Trying to predict the development of the metaverse is as problematical as trying to predict the development of, well . . .   any baby!  Both entities are simply too far from their final forms to gauge a meaningful answer.  Certainly, one can describe their present shapes, perhaps identify the building blocks of more sophisticated systems to come – yet clues to their final forms remain equally opaque.

Will the metaverse continue to evolve forever?  How large will it grow, what doors will it open, what transformations (for better or worse) will it inspire?  What, in other words, is its ultimate potential?

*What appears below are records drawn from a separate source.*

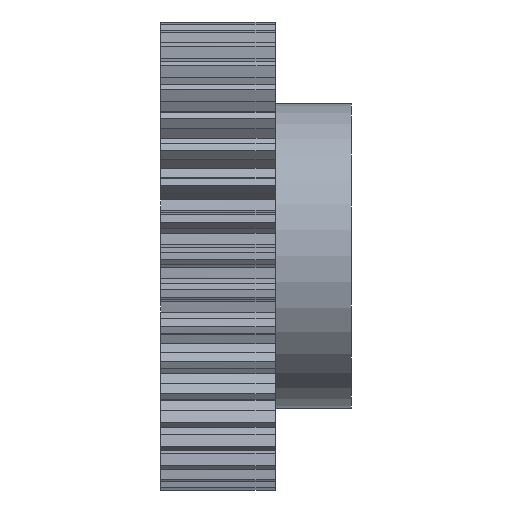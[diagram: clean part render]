
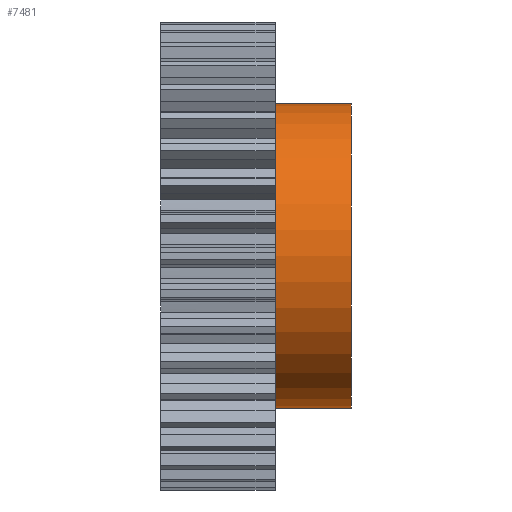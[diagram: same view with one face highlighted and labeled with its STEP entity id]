
A CAD part, front view. The second image highlights one B-rep face of the part: STEP entity #7481.
In plain terms, the highlighted cylindrical face has radius 40 mm (diameter 80 mm), a partial arc.
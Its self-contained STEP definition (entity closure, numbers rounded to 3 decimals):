
#187 = VERTEX_POINT ( 'NONE', #6076 ) ;
#190 = VERTEX_POINT ( 'NONE', #6078 ) ;
#266 = EDGE_CURVE ( 'NONE', #187, #279, #6208, .T. ) ;
#272 = VERTEX_POINT ( 'NONE', #6201 ) ;
#279 = VERTEX_POINT ( 'NONE', #6245 ) ;
#318 = EDGE_CURVE ( 'NONE', #190, #272, #6286, .T. ) ;
#2227 = DIRECTION ( 'NONE',  ( 1., 0., 0. ) ) ;
#2642 = CARTESIAN_POINT ( 'NONE',  ( 15., 0., 0. ) ) ;
#2665 = AXIS2_PLACEMENT_3D ( 'NONE', #2642, #2227, #3147 ) ;
#2918 = CIRCLE ( 'NONE', #2665, 40. ) ;
#3129 = DIRECTION ( 'NONE',  ( 0., 0., 1. ) ) ;
#3130 = DIRECTION ( 'NONE',  ( -1., 0., 0. ) ) ;
#3131 = AXIS2_PLACEMENT_3D ( 'NONE', #3146, #3130, #3129 ) ;
#3139 = CIRCLE ( 'NONE', #3131, 40. ) ;
#3146 = CARTESIAN_POINT ( 'NONE',  ( 35., 0., 0. ) ) ;
#3147 = DIRECTION ( 'NONE',  ( 0., 0., 1. ) ) ;
#3485 = FACE_OUTER_BOUND ( 'NONE', #7368, .T. ) ;
#3521 = DIRECTION ( 'NONE',  ( -1., 0., 0. ) ) ;
#3522 = CARTESIAN_POINT ( 'NONE',  ( 15., 0., 0. ) ) ;
#3528 = CYLINDRICAL_SURFACE ( 'NONE', #3568, 40. ) ;
#3564 = DIRECTION ( 'NONE',  ( 0., 0., 1. ) ) ;
#3568 = AXIS2_PLACEMENT_3D ( 'NONE', #3522, #3521, #3564 ) ;
#6076 = CARTESIAN_POINT ( 'NONE',  ( 35., 0., -40. ) ) ;
#6078 = CARTESIAN_POINT ( 'NONE',  ( 35., 0., 40. ) ) ;
#6196 = DIRECTION ( 'NONE',  ( -1., 0., 0. ) ) ;
#6197 = VECTOR ( 'NONE', #6196, 1000. ) ;
#6198 = CARTESIAN_POINT ( 'NONE',  ( 15., 0., -40. ) ) ;
#6201 = CARTESIAN_POINT ( 'NONE',  ( 15., 0., 40. ) ) ;
#6208 = LINE ( 'NONE', #6198, #6197 ) ;
#6245 = CARTESIAN_POINT ( 'NONE',  ( 15., 0., -40. ) ) ;
#6283 = DIRECTION ( 'NONE',  ( -1., 0., 0. ) ) ;
#6284 = VECTOR ( 'NONE', #6283, 1000. ) ;
#6285 = CARTESIAN_POINT ( 'NONE',  ( 15., 0., 40. ) ) ;
#6286 = LINE ( 'NONE', #6285, #6284 ) ;
#7124 = EDGE_CURVE ( 'NONE', #187, #190, #3139, .T. ) ;
#7132 = EDGE_CURVE ( 'NONE', #272, #279, #2918, .T. ) ;
#7368 = EDGE_LOOP ( 'NONE', ( #7480, #7479, #7484, #7483 ) ) ;
#7479 = ORIENTED_EDGE ( 'NONE', *, *, #7124, .T. ) ;
#7480 = ORIENTED_EDGE ( 'NONE', *, *, #266, .F. ) ;
#7481 = ADVANCED_FACE ( 'NONE', ( #3485 ), #3528, .T. ) ;
#7483 = ORIENTED_EDGE ( 'NONE', *, *, #7132, .T. ) ;
#7484 = ORIENTED_EDGE ( 'NONE', *, *, #318, .T. ) ;

For these questions we presently have few definitive answers, although educated conjecture indicates this particular baby just might trigger a fundamental shift in how we live our lives.

What is the metaverse?

As a concept, the metaverse has been around since the 1980s, employed in fictional terms to suggest a virtual sanctuary for characters to escape oppressive societies.  However, the term truly penetrated the public consciousness in October 2021, when Facebook boss Mark Zuckerberg officially rebranded Facebook’s parent company as ‘Meta’.  In doing so, he effectively refocused company resources on creating the first global, interconnected metaverse, an endlessly expandable pixel-built realm for existing and co-existing.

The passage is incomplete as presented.